PHP get what printed on command line to a variable

Question

I have the following PHP code:

<?php
$video = "C:\Users\Administrator\myVideo\processing\video.mp4";
$cmd = 'ffmpeg -i "' . $video .'" 2>&1 | wtee buffer.txt'; // wtee is a Windows version of tee

exec($cmd);
echo($cmd);
?>

If I run aa.php, which contains the above code, it won't work.

But if I run the $cmd that is being echoed out on the command prompt directly, the file buffer.txt is created and works.

I want to get the output of this:

$cmd = 'ffmpeg -i "' . $video .'"'

Into a variable like, e.g. $output.

This code, so far, prints blank:

exec($cmd,$output,$result);
print_r($output);

Answer 1

Like you mentioned, that your code works directly from command line but not from PHP CLI, is most likely because of log file permissions, which means, you must create a log file with correct permissions first, and then write your output there!

For example, from command line (not PHP) make sure that you delete your log file buffer.txt and run your PHP code again. Most likely it will not work as your file doesn't exist. Remember, when you run that command from command line directly, your log file, which is buffer.txt is created with special permissions (not only read/write, but also group and owner (Linux)). When PHP creates a file, by default, it uses nobody nobody for owner/group and you already have a log file (as you ran that same command from command line), which is created by other user (I suppose administrator), as a result you can be sure that PHP will not be able to use it, just because of the wrong file permissions. Try to see what is on your current log file owner/group by executing ls -ls in Linux or DIR /Q in Windows to get the idea.

Besides everything, make sure that you're not running PHP in safe mode, as a result exec might not work as you expect it, because it's disabled if PHP is in safe mode.

1. shell_exec() (functional equivalent of backticks) This function is disabled when PHP is running in safe mode.
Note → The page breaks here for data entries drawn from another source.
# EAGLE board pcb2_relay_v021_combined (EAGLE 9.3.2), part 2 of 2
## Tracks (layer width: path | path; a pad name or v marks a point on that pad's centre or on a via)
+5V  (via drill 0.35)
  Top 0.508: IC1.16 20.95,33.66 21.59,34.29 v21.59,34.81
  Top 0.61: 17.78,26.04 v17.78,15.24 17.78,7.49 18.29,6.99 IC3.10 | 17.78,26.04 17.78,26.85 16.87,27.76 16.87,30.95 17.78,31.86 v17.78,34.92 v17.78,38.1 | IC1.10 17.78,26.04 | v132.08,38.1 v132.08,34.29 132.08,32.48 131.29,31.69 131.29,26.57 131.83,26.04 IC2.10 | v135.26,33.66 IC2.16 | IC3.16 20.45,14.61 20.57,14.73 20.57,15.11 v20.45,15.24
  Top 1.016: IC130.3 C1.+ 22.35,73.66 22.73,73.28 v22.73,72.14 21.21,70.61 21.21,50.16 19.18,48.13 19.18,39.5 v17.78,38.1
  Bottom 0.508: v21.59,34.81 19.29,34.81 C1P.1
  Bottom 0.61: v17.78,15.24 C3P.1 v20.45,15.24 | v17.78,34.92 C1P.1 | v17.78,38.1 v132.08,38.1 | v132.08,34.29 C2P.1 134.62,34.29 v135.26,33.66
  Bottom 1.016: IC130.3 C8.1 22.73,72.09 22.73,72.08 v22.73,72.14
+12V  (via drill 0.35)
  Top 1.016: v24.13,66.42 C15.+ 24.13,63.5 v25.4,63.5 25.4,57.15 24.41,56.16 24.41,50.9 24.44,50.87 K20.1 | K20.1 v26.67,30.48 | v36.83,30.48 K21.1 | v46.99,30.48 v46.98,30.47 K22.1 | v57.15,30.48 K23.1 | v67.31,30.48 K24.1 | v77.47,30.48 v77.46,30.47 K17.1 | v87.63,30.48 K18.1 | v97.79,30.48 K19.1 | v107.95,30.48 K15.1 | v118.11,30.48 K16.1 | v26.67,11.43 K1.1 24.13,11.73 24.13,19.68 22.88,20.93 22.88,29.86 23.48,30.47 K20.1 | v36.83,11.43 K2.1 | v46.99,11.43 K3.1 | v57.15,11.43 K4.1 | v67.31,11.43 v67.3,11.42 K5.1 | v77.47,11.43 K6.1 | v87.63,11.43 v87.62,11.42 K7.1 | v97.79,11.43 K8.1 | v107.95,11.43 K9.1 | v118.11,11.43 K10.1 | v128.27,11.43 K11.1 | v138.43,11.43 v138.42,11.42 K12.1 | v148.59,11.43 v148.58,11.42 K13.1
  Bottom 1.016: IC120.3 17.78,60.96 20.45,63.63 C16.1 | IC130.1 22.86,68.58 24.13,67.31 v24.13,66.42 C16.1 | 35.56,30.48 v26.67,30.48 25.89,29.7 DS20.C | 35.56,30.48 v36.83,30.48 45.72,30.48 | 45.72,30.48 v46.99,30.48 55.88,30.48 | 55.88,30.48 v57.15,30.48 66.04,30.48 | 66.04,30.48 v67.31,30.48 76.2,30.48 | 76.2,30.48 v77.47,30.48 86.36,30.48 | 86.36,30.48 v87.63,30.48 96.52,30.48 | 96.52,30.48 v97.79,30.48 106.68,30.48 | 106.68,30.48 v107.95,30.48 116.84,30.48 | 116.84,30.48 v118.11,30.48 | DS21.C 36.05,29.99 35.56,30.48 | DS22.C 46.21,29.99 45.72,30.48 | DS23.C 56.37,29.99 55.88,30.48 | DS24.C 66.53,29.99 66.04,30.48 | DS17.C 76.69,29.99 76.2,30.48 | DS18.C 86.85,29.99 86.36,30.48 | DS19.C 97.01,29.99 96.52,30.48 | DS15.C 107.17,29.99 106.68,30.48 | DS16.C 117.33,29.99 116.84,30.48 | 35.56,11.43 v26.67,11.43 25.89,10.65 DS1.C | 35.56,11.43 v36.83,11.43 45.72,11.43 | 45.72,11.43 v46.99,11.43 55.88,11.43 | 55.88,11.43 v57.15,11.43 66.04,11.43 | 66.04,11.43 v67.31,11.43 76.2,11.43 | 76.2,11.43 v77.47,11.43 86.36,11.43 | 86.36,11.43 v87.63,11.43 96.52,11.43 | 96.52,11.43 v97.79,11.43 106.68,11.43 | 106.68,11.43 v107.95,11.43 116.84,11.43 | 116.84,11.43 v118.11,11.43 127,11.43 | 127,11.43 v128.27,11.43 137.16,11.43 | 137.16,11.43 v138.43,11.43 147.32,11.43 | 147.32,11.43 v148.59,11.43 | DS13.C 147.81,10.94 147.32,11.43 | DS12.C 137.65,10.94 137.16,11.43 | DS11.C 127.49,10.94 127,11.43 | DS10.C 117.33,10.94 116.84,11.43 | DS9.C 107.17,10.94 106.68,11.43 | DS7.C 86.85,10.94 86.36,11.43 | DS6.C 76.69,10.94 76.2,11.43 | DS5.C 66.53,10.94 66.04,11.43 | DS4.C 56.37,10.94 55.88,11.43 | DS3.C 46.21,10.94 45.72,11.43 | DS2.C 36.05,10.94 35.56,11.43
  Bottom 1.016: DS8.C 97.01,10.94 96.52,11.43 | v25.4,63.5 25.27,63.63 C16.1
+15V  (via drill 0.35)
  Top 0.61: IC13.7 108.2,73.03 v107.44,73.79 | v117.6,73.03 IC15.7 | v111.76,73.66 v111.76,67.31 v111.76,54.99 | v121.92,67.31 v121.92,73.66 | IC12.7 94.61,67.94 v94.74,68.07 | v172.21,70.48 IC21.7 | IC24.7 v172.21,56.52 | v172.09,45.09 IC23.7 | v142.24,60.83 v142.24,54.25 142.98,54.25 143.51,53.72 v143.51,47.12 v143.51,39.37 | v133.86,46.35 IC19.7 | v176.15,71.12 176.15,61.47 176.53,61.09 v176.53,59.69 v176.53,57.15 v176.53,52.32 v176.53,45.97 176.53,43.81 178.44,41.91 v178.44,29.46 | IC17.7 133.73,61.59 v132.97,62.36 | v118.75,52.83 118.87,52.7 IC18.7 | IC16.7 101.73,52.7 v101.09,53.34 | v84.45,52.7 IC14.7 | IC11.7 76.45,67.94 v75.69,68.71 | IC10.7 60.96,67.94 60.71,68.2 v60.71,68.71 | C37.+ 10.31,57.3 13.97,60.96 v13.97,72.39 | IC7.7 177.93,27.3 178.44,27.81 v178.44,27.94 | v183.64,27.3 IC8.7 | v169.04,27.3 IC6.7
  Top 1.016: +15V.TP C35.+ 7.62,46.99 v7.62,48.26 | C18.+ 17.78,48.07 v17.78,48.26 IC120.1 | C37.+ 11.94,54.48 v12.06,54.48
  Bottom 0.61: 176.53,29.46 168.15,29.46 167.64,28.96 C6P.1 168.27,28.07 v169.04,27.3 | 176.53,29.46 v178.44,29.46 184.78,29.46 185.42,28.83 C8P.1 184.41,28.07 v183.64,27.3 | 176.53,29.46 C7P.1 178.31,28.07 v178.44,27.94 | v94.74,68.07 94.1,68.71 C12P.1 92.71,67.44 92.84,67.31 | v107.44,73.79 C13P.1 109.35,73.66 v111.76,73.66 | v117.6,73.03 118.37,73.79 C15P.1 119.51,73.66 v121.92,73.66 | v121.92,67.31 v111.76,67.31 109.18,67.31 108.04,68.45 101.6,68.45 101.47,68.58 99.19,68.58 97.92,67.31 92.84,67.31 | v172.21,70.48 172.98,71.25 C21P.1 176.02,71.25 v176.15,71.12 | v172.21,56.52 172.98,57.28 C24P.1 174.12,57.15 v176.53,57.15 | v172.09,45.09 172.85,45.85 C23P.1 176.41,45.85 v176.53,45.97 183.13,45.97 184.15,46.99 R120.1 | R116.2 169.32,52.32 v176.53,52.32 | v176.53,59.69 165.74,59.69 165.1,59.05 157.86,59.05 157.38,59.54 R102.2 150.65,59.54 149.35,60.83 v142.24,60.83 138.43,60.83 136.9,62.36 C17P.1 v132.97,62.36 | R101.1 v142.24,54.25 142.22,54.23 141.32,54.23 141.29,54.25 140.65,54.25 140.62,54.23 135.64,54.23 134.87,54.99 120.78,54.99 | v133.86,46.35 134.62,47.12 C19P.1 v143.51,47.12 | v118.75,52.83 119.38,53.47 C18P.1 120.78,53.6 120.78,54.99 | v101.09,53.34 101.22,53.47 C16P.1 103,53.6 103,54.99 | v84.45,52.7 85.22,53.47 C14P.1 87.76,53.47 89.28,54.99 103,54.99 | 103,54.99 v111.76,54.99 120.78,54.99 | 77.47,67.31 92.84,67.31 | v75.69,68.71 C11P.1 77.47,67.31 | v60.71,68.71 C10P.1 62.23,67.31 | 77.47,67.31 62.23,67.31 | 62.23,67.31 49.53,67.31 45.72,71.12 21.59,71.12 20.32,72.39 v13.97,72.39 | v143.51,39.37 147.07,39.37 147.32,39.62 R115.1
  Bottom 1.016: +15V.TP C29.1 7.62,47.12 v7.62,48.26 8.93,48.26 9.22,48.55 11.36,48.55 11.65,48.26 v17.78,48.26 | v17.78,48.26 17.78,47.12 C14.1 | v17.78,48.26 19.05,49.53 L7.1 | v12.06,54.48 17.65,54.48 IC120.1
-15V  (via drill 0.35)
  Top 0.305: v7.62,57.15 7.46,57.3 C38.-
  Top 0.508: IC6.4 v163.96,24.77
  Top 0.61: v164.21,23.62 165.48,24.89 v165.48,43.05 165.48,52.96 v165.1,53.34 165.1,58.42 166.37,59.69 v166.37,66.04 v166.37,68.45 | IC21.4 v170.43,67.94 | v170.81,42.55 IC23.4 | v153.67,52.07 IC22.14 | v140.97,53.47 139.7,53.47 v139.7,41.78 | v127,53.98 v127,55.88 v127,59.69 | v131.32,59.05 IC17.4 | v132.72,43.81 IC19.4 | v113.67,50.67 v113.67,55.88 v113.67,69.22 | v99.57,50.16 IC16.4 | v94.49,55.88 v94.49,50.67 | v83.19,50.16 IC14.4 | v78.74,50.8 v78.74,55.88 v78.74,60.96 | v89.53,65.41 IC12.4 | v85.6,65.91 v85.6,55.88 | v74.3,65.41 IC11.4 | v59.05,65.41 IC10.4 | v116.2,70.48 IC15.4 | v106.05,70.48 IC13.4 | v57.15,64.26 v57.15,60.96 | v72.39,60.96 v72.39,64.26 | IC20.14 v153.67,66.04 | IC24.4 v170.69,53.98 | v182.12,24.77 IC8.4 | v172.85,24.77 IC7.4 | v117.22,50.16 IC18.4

2. exec() You can only execute executables within the safe_mode_exec_dir. For practical reasons it's currently not allowed to have components in the path to the executable. escapeshellcmd() is executed on the argument of this function.

You can check your server's PHP settings with the phpinfo() function.

Your code should rather look like this:

exec("$cmd 2>&1", $output);
log_conversion($config['logs_path']. '/' .$video_id. '_log.txt', $cmd);
log_conversion($config['logs_path']. '/' .$video_id. '_log.txt', implode("\n", $output));

What does that mean? If you say 2>&1 then you are redirecting stderr to wherever stdout is currently redirected to. If stdout is going to the console then stderr is, too. If stdout is going to a file then stderr is as well.

Please read more about command redirections in articles Using command redirection operators for Windows or All about redirection for Linux.

Your log conversion function, could be something like this:

function log_conversion($file_path, $text)
{
    $file_dir = dirname($file_path);
    if( !file_exists($file_dir) || !is_dir($file_dir) || !is_writable($file_dir) )
        return false;

    $write_mode = 'w';
    if( file_exists($file_path) && is_file($file_path) && is_writable($file_path) )
        $write_mode = 'a';

    $handle = fopen($file_path, $write_mode);
    if( !$handle )
        return false;

    if( fwrite($handle, $text. "\n") == FALSE )
        return false;

    @fclose($handle);
}

It's very important to make sure that the log file you create is writable and has correct permissions!

I personally delete the log file in case it exists, to make sure that I have recent and reasonable log file.

I bet it will work either like this or with small tweaking!

If it doesn't work for you, please let me know and I will elaborate!

Answer 2

exec requires an array for the output variable. So try:

$output = array();
exec($cmd, $output, $result);

That will give you an array where each element is a line returned by your command.